-- TASK GOAL --
Work through the entries below and show every line in which "DASHED" is found.
** ENTRIES PROVIDED follows **
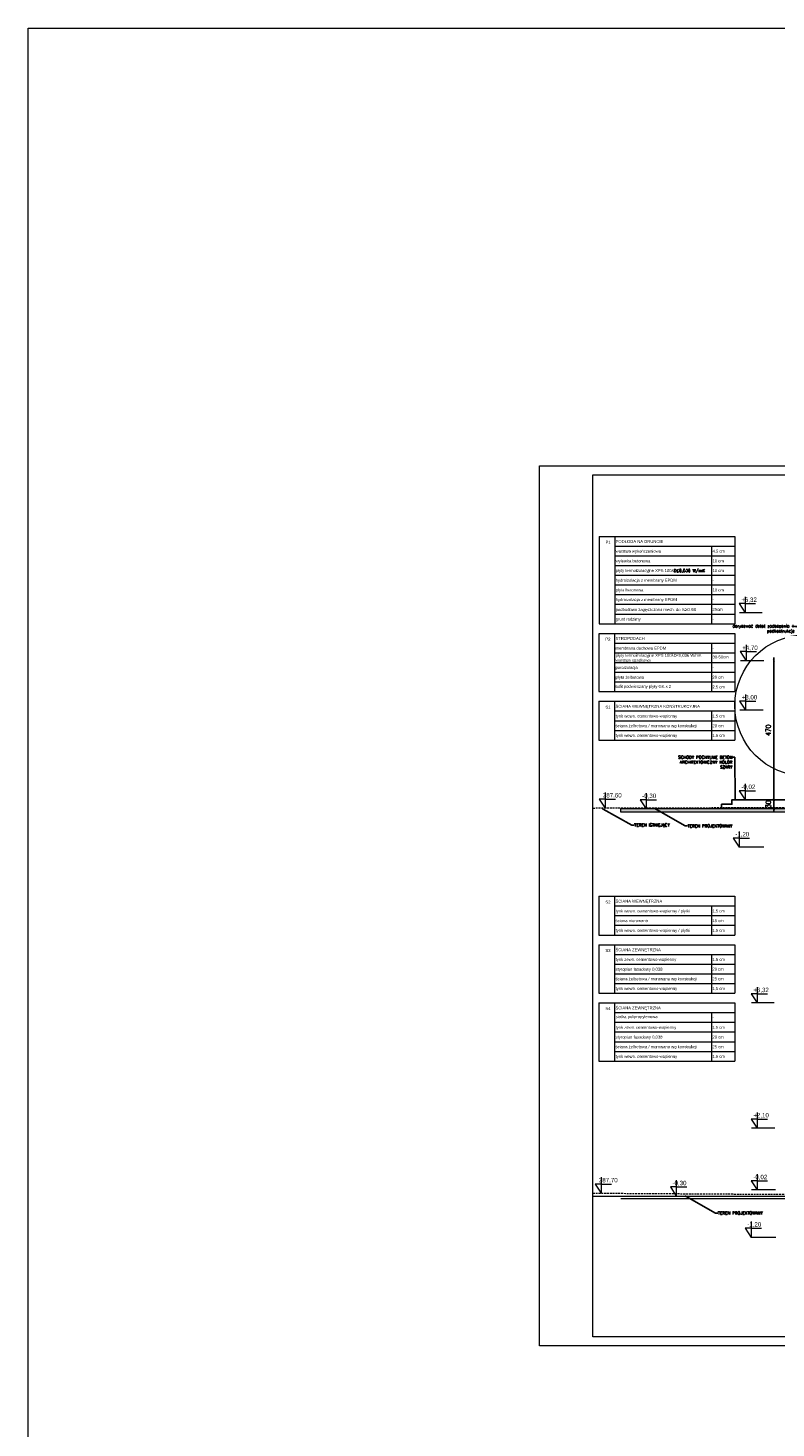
# Model space of a CAD drawing. Header units: millimetres. Extents: x -115268 to 140687, y -37779 to 24471.
# Tile 183 of 256: x 75002 to 77527, y -13000 to -8274. Entities that reach past the tile are written whole.
import ezdxf
from ezdxf import colors
from ezdxf.entities.mleader import LeaderData, LeaderLine
from ezdxf.math import Vec2, Vec3

# ---------------------------------------------------------------- set-up
doc = ezdxf.new("R2010")
doc.units = ezdxf.units.MM
doc.header["$PDMODE"] = 2
doc.header["$PDSIZE"] = 1
doc.linetypes.add('DASHED', pattern=[19.05, 12.7, -6.35])
doc.layers.get('0').update_dxf_attribs({"lineweight": 9})
for name, color, linetype, lineweight in [('A_CIENKA', 7, 'Continuous', 9), ('A_HATCH', 8, 'Continuous', 9), ('A_KONSTRUKCJA', 3, 'Continuous', 25), ('A_PRZERYW', 8, 'DASHED', 9), ('A_RAMKA', 7, 'Continuous', 9), ('A_WIDOK', 253, 'Continuous', 9)]:
    doc.layers.add(name, color=color, linetype=linetype, lineweight=lineweight)
doc.layers.add('A_WYMIAR', color=253, linetype='Continuous', lineweight=5, transparency=0.2)
doc.styles.add('Arial', font='arial.ttf')
doc.styles.add('romans 1-100', font='romans.shx', dxfattribs={"width": 0.7, "height": 17})
doc.dimstyles.new('___SKALA_1_100', dxfattribs={"dimscale": 10, "dimtxt": 17, "dimasz": 0.8, "dimexe": 2, "dimexo": 2, "dimgap": 1, "dimtad": 1, "dimdec": 4, "dimrnd": 0.5, "dimdsep": 46, "dimtxsty": 'romans 1-100', "dimblk": 'ARCHTICK', "dimcen": 0.1, "dimdle": 1, "dimse1": 1, "dimse2": 1, "dimadec": 0, "dimazin": 0, "dimtfac": 1, "dimtdec": 4, "dimtix": 1, "dimtmove": 0, "dimatfit": 3, "dimldrblk": 'ARCHTICK', "dimfxl": 6, "dimfxlon": 1, "dimtolj": 1, "dimarcsym": 0})

# ---------------------------------------------------------------- blocks, each defined once
blk = doc.blocks.new('_Dot')
at = {"color": 0, "linetype": 'ByBlock', "lineweight": -2}
blk.add_line((-0.5, 0), (-1, 0), dxfattribs=at)
at = {"color": 0, "linetype": 'ByBlock', "const_width": 0.5}
blk.add_lwpolyline([(-0.25, 0, 1), (0.25, 0, 1)], format="xyb", close=True, dxfattribs=at)
blk = doc.blocks.new('_ArchTick')
at = {"color": 0, "linetype": 'ByBlock', "const_width": 0.15}
blk.add_lwpolyline([(-0.5, -0.5), (0.5, 0.5)], dxfattribs=at)
blk = doc.blocks.new('*D447')
at = {"layer": 'A_WYMIAR', "color": 0, "lineweight": -2, "transparency": 16777216}
blk.add_line((77519.4, -10399.4), (77519.4, -10889.4), dxfattribs=at)
at = {"layer": 'Defpoints', "color": 0, "transparency": 16777216}
for p in [(77537.9, -10409.4), (77519.4, -10879.4), (77537.9, -10879.4)]:
    blk.add_point(p, dxfattribs=at)
at = {"layer": 'A_WYMIAR', "color": 0, "lineweight": -2, "transparency": 16777216, "xscale": 8, "yscale": 8, "zscale": 8}
for p, rotation in [((77519.4, -10409.4), 90), ((77519.4, -10879.4), 270)]:
    blk.add_blockref('_ArchTick', p, dxfattribs=dict(at, rotation=rotation))
at = {"layer": 'A_WYMIAR', "color": 0, "transparency": 16777216, "insert": (77500.9, -10644.4), "char_height": 17, "attachment_point": 5, "rotation": 90, "style": 'romans 1-100'}
blk.add_mtext('\\A1;470', dxfattribs=at)
blk = doc.blocks.new('*D768')
at = {"layer": 'A_WYMIAR', "color": 0, "lineweight": -2, "transparency": 16777216}
for p, q in [((77519.4, -10879.4), (77519.4, -10871.4)), ((77519.4, -10879.4), (77519.4, -10909.4)), ((77519.4, -10909.4), (77519.4, -10917.4))]:
    blk.add_line(p, q, dxfattribs=at)
at = {"layer": 'Defpoints', "color": 0, "transparency": 16777216}
for p in [(77500.6, -10879.4), (77500.6, -10909.4), (77519.4, -10909.4)]:
    blk.add_point(p, dxfattribs=at)
at = {"layer": 'A_WYMIAR', "color": 0, "lineweight": -2, "transparency": 16777216, "xscale": 8, "yscale": 8, "zscale": 8}
for p, rotation in [((77519.4, -10879.4), 270), ((77519.4, -10909.4), 90)]:
    blk.add_blockref('_ArchTick', p, dxfattribs=dict(at, rotation=rotation))
at = {"layer": 'A_WYMIAR', "color": 0, "transparency": 16777216, "insert": (77500.9, -10894.4), "char_height": 17, "attachment_point": 5, "rotation": 90, "style": 'romans 1-100'}
blk.add_mtext('\\A1;30', dxfattribs=at)

msp = doc.modelspace()

# ---------------------------------------------------------------- hatches: boundary and pattern name
at = {"layer": 'A_HATCH', "transparency": 33554687}
h = msp.add_hatch(dxfattribs=at)
h.set_pattern_fill('DASH', color=256, angle=45)
h.set_pattern_definition([(45, (32680.1132, 64.7294), (0, 4.49012806), [3.175, -3.175])])
h.paths.add_polyline_path([(78553.51017, -10903.92547), (77733.33365, -10903.92547), (77733.33365, -10913.92547), (78553.51017, -10913.92547)])
h.paths.add_polyline_path([(77517.48387, -11899.65929), (77517.48387, -11861.12596), (77491.98387, -11861.12596), (77491.98387, -11899.65929)], flags=9)
h.paths.add_polyline_path([(77518.61232, -10663.98121), (77518.61232, -10624.88121), (77493.11232, -10624.88121), (77493.11232, -10663.98121)], flags=9)
h.paths.add_polyline_path([(77680.74867, -10749.48121), (77680.74867, -10710.38121), (77655.24867, -10710.38121), (77655.24867, -10749.48121)], flags=9)
h.paths.add_polyline_path([(77515.36541, -11256.67459), (77525.01753, -11256.67459), (77525.01753, -11236.06749), (77515.36541, -11236.06749)], flags=9)
h.paths.add_polyline_path([(77187.87467, -11256.67459), (77399.38899, -11256.67459), (77399.38899, -11236.06749), (77187.87467, -11236.06749)], flags=9)
h.paths.add_polyline_path([(77515.28052, -11322.29221), (77524.93263, -11322.29221), (77524.93263, -11301.68512), (77515.28052, -11301.68512)], flags=9)
h.paths.add_polyline_path([(77515.31462, -11289.59626), (77554.4756, -11289.59626), (77554.4756, -11268.98917), (77515.31462, -11268.98917)], flags=9)
h.paths.add_polyline_path([(77514.20275, -11224.1225), (77557.24505, -11224.1225), (77557.24505, -11203.5154), (77514.20275, -11203.5154)], flags=9)
h.paths.add_polyline_path([(77515.28052, -11191.34469), (77524.93263, -11191.34469), (77524.93263, -11170.7376), (77515.28052, -11170.7376)], flags=9)
h.paths.add_polyline_path([(77514.20275, -11158.64874), (77557.24505, -11158.64874), (77557.24505, -11138.04164), (77514.20275, -11138.04164)], flags=9)
h.paths.add_polyline_path([(77514.20275, -11125.91186), (77557.24505, -11125.91186), (77557.24505, -11105.30476), (77514.20275, -11105.30476)], flags=9)
h.paths.add_polyline_path([(77515.54655, -11093.13405), (77562.47015, -11093.13405), (77562.47015, -11072.52695), (77515.54655, -11072.52695)], flags=9)
h.paths.add_polyline_path([(77153.4927, -11062.82329), (77175.58001, -11062.82329), (77175.58001, -11042.2162), (77153.4927, -11042.2162)], flags=9)
h.paths.add_polyline_path([(77188.26044, -11322.29221), (77277.88527, -11322.29221), (77277.88527, -11301.68512), (77188.26044, -11301.68512)], flags=9)
h.paths.add_polyline_path([(77187.78977, -11290.67966), (77464.30966, -11290.67966), (77464.30966, -11268.77203), (77187.78977, -11268.77203)], flags=9)
h.paths.add_polyline_path([(77187.78977, -11224.08157), (77286.76658, -11224.08157), (77286.76658, -11203.47448), (77187.78977, -11203.47448)], flags=9)
h.paths.add_polyline_path([(77187.78977, -11191.34469), (77399.3041, -11191.34469), (77399.3041, -11170.7376), (77187.78977, -11170.7376)], flags=9)
h.paths.add_polyline_path([(77187.78977, -11160.88547), (77508.45826, -11160.88547), (77508.45826, -11139.90548), (77187.78977, -11139.90548)], flags=9)
h.paths.add_polyline_path([(77188.66972, -11125.87093), (77310.92756, -11125.87093), (77310.92756, -11105.26384), (77188.66972, -11105.26384)], flags=9)
h.paths.add_polyline_path([(77188.66972, -11093.18862), (77346.62333, -11093.18862), (77346.62333, -11072.58153), (77188.66972, -11072.58153)], flags=9)
h.paths.add_polyline_path([(77187.63288, -11060.57452), (77353.31501, -11060.57452), (77353.31501, -11039.96743), (77187.63288, -11039.96743)], flags=9)
h.paths.add_polyline_path([(79357.8378, -10379.78814), (79425.3378, -10379.78814), (79425.3378, -10354.78814), (79357.8378, -10354.78814)], flags=9)
h.paths.add_polyline_path([(78989.95665, -12176.81378), (79072.45665, -12176.81378), (79072.45665, -12151.81378), (78989.95665, -12151.81378)], flags=9)
h.paths.add_polyline_path([(79590.90337, -11696.24955), (79658.40337, -11696.24955), (79658.40337, -11671.24955), (79590.90337, -11671.24955)], flags=9)
h.paths.add_polyline_path([(79000.07936, -10861.28317), (79082.57936, -10861.28317), (79082.57936, -10836.28317), (79000.07936, -10836.28317)], flags=9)
h.paths.add_polyline_path([(78971.71643, -10217.78814), (79041.71643, -10217.78814), (79041.71643, -10192.78814), (78971.71643, -10192.78814)], flags=9)
h.paths.add_polyline_path([(78781.65983, -10329.78814), (78849.15983, -10329.78814), (78849.15983, -10304.78814), (78781.65983, -10304.78814)], flags=9)
h.paths.add_polyline_path([(79243.21513, -11534.24955), (79313.21513, -11534.24955), (79313.21513, -11509.24955), (79243.21513, -11509.24955)], flags=9)
h.paths.add_polyline_path([(78887.74596, -12165.73808), (78950.24596, -12165.73808), (78950.24596, -12140.73808), (78887.74596, -12140.73808)], flags=9)
h.paths.add_polyline_path([(78819.48055, -10849.27667), (78881.98055, -10849.27667), (78881.98055, -10824.27667), (78819.48055, -10824.27667)], flags=9)
h.paths.add_polyline_path([(79748.16796, -11658.94474), (79778.16796, -11658.94474), (79778.16796, -11628.94474), (79748.16796, -11628.94474)], flags=9)
h.paths.add_polyline_path([(77794.15489, -11658.94474), (77824.15489, -11658.94474), (77824.15489, -11628.94474), (77794.15489, -11628.94474)], flags=9)
h.paths.add_polyline_path([(77704.50735, -10303.05506), (77704.50735, -10325.14237), (77725.11444, -10325.14237), (77725.11444, -10303.05506)], flags=9)
h.paths.add_polyline_path([(78327.30931, -10341.08253), (78349.39662, -10341.08253), (78349.39662, -10320.47543), (78327.30931, -10320.47543)], flags=9)
h.paths.add_polyline_path([(78156.3486, -12184.02593), (78178.43592, -12184.02593), (78178.43592, -12163.41884), (78156.3486, -12163.41884)], flags=9)
h.paths.add_polyline_path([(77900.10727, -11657.54394), (77922.19458, -11657.54394), (77922.19458, -11636.93684), (77900.10727, -11636.93684)], flags=9)
h.paths.add_polyline_path([(79503.74373, -11657.54394), (79525.83105, -11657.54394), (79525.83105, -11636.93684), (79503.74373, -11636.93684)], flags=9)
h.paths.add_polyline_path([(77774.33141, -11841.71243), (77774.33141, -11863.79975), (77794.93851, -11863.79975), (77794.93851, -11841.71243)], flags=9)
h.paths.add_polyline_path([(78071.47765, -11793.73246), (78071.47765, -11815.81977), (78092.08475, -11815.81977), (78092.08475, -11793.73246)], flags=9)
h.paths.add_polyline_path([(80083.20902, -11599.61466), (80083.20902, -11621.70197), (80103.81611, -11621.70197), (80103.81611, -11599.61466)], flags=9)
h.paths.add_polyline_path([(80085.32461, -10503.19306), (80085.32461, -10525.28037), (80105.9317, -10525.28037), (80105.9317, -10503.19306)], flags=9)
h.paths.add_polyline_path([(77803.64382, -12304.91209), (77963.6711, -12304.91209), (77963.6711, -12274.00145), (77803.64382, -12274.00145)], flags=9)
h.paths.add_polyline_path([(77730.67232, -11076.45917), (77890.7303, -11076.45917), (77890.7303, -11045.54853), (77730.67232, -11045.54853)], flags=9)
h.paths.add_polyline_path([(80707.70397, -12561.72384), (80767.64258, -12561.72384), (80767.64258, -12530.8132), (80707.70397, -12530.8132)], flags=9)
h.paths.add_polyline_path([(80718.28048, -12673.33893), (80770.04378, -12673.33893), (80770.04378, -12642.42828), (80718.28048, -12642.42828)], flags=9)
h.paths.add_polyline_path([(80671.44203, -12444.56083), (80804.69237, -12444.56083), (80804.69237, -12413.65019), (80671.44203, -12413.65019)], flags=9)
at = {"layer": 'A_HATCH', "true_color": 0x000000, "transparency": 33554559}
h = msp.add_hatch(color=18, dxfattribs=at)
h.dxf.hatch_style = 1
h.paths.add_polyline_path([(77688.33365, -10920.96658), (77688.33365, -10909.42547), (77003.40663, -10909.42547), (77003.40663, -10920.96658)])
h.paths.add_polyline_path([(80057.85402, -10909.42547), (80057.85402, -10920.96658), (80394.42643, -10920.96658), (80394.42643, -10909.42547)])

# ---------------------------------------------------------------- linework, layer by layer
at = {"layer": 'A_CIENKA'}
for p, q in [((77422.67599, -10194.59718), (77422.67599, -10248.02532)), ((77422.67599, -10217.24224), (77402.67599, -10217.24224)), ((77402.67599, -10217.24224), (77422.67599, -10248.02532)), ((77422.67599, -10217.24224), (77457.58638, -10217.24224)), ((77425.66416, -10379.42314), (77405.66416, -10379.42314)), ((77405.66416, -10379.42314), (77425.66416, -10410.20622)), ((77425.66416, -10356.77808), (77425.66416, -10410.20622)), ((77425.66416, -10379.42314), (77460.57456, -10379.42314)), ((77423.92185, -10523.82915), (77423.92185, -10577.2573)), ((77423.92185, -10546.47422), (77403.92185, -10546.47422)), ((77403.92185, -10546.47422), (77423.92185, -10577.2573)), ((77423.92185, -10546.47422), (77458.83224, -10546.47422)), ((76949.65488, -10854.69356), (76949.65488, -10908.12171)), ((77088.03028, -10856.6464), (77088.03028, -10910.07455)), ((77422.67599, -10848.73077), (77402.67599, -10848.73077)), ((77402.67599, -10848.73077), (77422.67599, -10879.51385)), ((77422.67599, -10826.0857), (77422.67599, -10879.51385)), ((77422.67599, -10848.73077), (77457.58638, -10848.73077)), ((76949.65488, -10877.33862), (76929.65488, -10877.33862)), ((76929.65488, -10877.33862), (76949.65488, -10908.12171)), ((76949.65488, -10877.33862), (76984.56528, -10877.33862)), ((77003.40663, -10909.42547), (77688.33365, -10909.42547)), ((77088.03028, -10879.29147), (77068.03028, -10879.29147)), ((77068.03028, -10879.29147), (77088.03028, -10910.07455)), ((77088.03028, -10879.29147), (77122.94067, -10879.29147)), ((77463.04392, -11511.94483), (77463.04392, -11565.37298)), ((77463.04392, -11534.58989), (77443.04392, -11534.58989)), ((77443.04392, -11534.58989), (77463.04392, -11565.37298)), ((77463.04392, -11534.58989), (77497.95432, -11534.58989)), ((77463.04987, -11957.45608), (77443.04987, -11957.45608)), ((77443.04987, -11957.45608), (77463.04987, -11988.23916)), ((77463.04987, -11934.81101), (77463.04987, -11988.23916)), ((77463.04987, -11957.45608), (77497.96027, -11957.45608)), ((77463.04392, -12143.43335), (77463.04392, -12196.8615)), ((76936.13274, -12176.64814), (76916.13274, -12176.64814)), ((76916.13274, -12176.64814), (76936.13274, -12207.43122)), ((76936.13274, -12154.00308), (76936.13274, -12207.43122)), ((76936.13274, -12176.64814), (76971.04313, -12176.64814)), ((77190.29661, -12186.45176), (77170.29661, -12186.45176)), ((77170.29661, -12186.45176), (77190.29661, -12217.23485)), ((77190.29661, -12163.8067), (77190.29661, -12217.23485)), ((77190.29661, -12186.45176), (77225.207, -12186.45176)), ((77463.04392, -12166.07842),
** End of ENTRIES PROVIDED **
-- REPLY TO THE EXERCISE --
doc.linetypes.add('DASHED', pattern=[19.05, 12.7, -6.35])
for name, color, linetype, lineweight in [('A_CIENKA', 7, 'Continuous', 9), ('A_HATCH', 8, 'Continuous', 9), ('A_KONSTRUKCJA', 3, 'Continuous', 25), ('A_PRZERYW', 8, 'DASHED', 9), ('A_RAMKA', 7, 'Continuous', 9), ('A_WIDOK', 253, 'Continuous', 9)]:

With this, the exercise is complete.